Given entries:
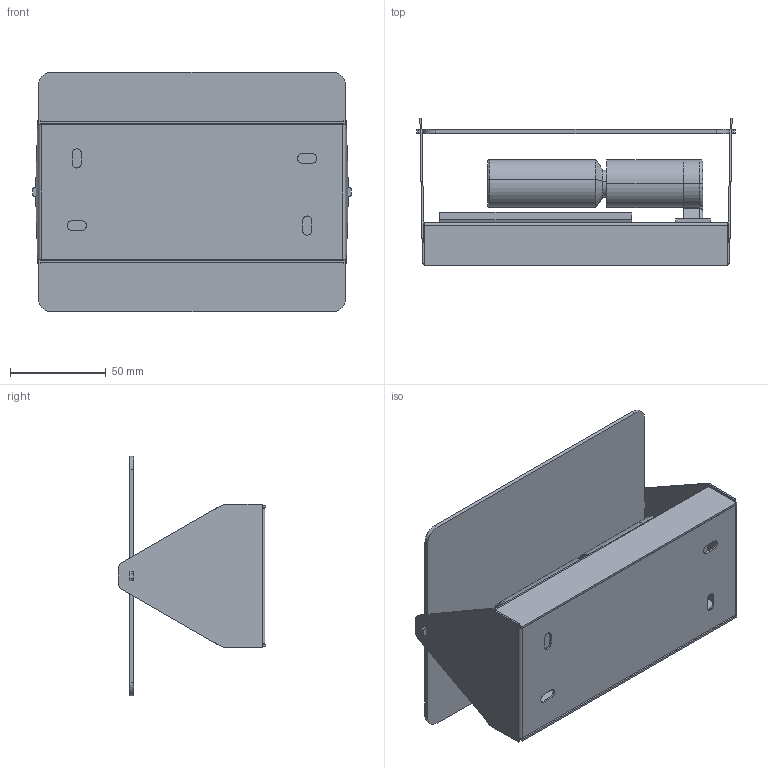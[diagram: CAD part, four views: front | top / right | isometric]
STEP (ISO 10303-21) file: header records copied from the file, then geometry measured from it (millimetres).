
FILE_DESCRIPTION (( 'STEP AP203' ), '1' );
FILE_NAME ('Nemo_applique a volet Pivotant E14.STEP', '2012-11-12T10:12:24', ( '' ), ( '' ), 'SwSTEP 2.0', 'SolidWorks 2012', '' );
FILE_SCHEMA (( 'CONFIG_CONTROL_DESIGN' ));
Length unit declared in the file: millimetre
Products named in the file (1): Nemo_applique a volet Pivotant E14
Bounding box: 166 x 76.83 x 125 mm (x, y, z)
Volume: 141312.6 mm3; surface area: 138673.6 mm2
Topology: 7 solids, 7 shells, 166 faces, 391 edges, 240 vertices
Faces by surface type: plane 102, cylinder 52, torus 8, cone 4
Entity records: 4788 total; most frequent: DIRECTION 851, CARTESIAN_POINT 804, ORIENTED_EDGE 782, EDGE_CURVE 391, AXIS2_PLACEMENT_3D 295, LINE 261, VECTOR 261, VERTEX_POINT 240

Work to be completed:
Only the last part of the entries above is needed: please copy the line with "STEP (ISO 10303-21)" and each line after it exactly.

Task solution:
STEP (ISO 10303-21) file: header records copied from the file, then geometry measured from it (millimetres).
FILE_DESCRIPTION (( 'STEP AP203' ), '1' );
FILE_NAME ('Nemo_applique a volet Pivotant E14.STEP', '2012-11-12T10:12:24', ( '' ), ( '' ), 'SwSTEP 2.0', 'SolidWorks 2012', '' );
FILE_SCHEMA (( 'CONFIG_CONTROL_DESIGN' ));
Length unit declared in the file: millimetre
Products named in the file (1): Nemo_applique a volet Pivotant E14
Bounding box: 166 x 76.83 x 125 mm (x, y, z)
Volume: 141312.6 mm3; surface area: 138673.6 mm2
Topology: 7 solids, 7 shells, 166 faces, 391 edges, 240 vertices
Faces by surface type: plane 102, cylinder 52, torus 8, cone 4
Entity records: 4788 total; most frequent: DIRECTION 851, CARTESIAN_POINT 804, ORIENTED_EDGE 782, EDGE_CURVE 391, AXIS2_PLACEMENT_3D 295, LINE 261, VECTOR 261, VERTEX_POINT 240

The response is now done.